Tutti spiati: l’inchiesta a Milano mette in seria discussione alcune delle libertà fondamentali del cittadino e, contestualmente, rivela le falle del sistema digitale e digitalizzato. Perché il caso degli investigatori privati milanesi accusati di aver fatto razzia di informazioni cavate dalle banche dati più blindate del Paese fa scopa con quello dell’impiegato bancario che assumeva dati sui movimenti di denaro di chiunque egli volesse, a patto che fosse cliente dell’istituto di credito.
Questo è uno dei corollari della rivoluzione digitale. In chiave negativa. Le informazioni sono accessibili e le banche dati non sono più così blindate come dovrebbero essere. Il guaio è che sono utilizzate, come da sempre, come da secoli, per le solite questioni di rapporti di forza, di potere, di ricatto (?). C’è però un aspetto deleterio. Ulteriormente tale. Ossia la ricerca di informazioni sui giornalisti e le loro fonti. Sono tanti i cronisti finiti al centro delle ricerche degli investigatori privati milanesi. Stando a quanto emerge dalle prime risultanze dell’indagine, su commissione, venivano ricercate fonti e frequentazioni dei cronisti. Per tentare di colpirli? Per cercare di comprendere da dove arrivassero le informazioni che finivano pubblicate? Per quali ragioni?

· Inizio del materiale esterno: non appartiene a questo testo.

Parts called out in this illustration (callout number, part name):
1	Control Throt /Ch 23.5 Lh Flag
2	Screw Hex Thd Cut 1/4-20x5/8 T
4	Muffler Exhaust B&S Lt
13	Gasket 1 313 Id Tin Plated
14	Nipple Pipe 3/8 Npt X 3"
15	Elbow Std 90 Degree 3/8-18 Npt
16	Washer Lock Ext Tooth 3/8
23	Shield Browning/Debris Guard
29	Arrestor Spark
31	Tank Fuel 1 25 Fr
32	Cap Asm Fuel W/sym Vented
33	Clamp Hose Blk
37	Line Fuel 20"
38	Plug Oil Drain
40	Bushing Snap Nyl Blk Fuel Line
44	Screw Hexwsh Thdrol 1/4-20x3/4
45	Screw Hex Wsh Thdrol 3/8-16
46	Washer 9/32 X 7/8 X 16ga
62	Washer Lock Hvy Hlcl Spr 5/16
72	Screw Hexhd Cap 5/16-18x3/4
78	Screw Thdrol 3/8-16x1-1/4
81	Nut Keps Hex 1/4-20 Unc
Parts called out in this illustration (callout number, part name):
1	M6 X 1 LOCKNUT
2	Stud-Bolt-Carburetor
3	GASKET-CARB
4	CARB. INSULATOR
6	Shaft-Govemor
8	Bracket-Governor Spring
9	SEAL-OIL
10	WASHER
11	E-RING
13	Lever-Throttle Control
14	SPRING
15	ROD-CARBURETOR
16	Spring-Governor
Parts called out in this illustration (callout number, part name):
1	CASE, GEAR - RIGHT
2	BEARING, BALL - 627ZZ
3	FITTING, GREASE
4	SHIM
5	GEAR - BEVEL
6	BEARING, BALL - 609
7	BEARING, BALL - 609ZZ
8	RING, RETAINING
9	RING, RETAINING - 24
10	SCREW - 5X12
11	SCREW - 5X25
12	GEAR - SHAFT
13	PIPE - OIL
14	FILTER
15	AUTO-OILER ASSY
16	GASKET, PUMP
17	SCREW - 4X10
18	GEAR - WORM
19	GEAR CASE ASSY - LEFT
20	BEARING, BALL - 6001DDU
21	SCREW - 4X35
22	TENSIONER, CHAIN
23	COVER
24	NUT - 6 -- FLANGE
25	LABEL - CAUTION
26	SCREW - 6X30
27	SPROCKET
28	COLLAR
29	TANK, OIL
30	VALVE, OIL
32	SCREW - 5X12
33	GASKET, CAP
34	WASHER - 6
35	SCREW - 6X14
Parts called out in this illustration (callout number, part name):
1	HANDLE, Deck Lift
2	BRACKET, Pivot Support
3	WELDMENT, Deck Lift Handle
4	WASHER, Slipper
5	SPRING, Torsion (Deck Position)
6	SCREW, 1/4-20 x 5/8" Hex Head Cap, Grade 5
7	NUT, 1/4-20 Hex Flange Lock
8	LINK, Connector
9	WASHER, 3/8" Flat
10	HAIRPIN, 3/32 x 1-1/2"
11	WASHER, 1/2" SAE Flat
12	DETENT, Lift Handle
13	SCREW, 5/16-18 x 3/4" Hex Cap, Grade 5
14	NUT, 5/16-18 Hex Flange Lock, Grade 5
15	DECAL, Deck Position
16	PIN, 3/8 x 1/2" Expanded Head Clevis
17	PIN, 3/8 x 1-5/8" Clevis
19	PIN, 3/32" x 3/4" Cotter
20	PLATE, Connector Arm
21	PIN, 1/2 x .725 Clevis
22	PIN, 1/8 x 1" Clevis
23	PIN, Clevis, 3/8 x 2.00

La legge impone la segretezza delle fonti. E la tutela a ogni costo. Il giornalista può (e deve) tacere l’identità di chi gli “passa” le notizie che egli stesso verifica prima di pubblicare. È uno dei fondamenti della democrazia. Questa notizia che arriva da Milano è grave e dovrebbe far riflettere. Sugli effetti della digitalizzazione, sui rischi connessi ai sistemi informatici cui demandiamo l’applicazione di valori costituzionali. Su quello che succede quando si lascia al web la possibilità di ampliarsi a dismisura. Di cosa potrebbe accadere, domani, con l’intelligenza artificiale. Con informazioni false iniettate tra quelle vere. Un disastro annunciato.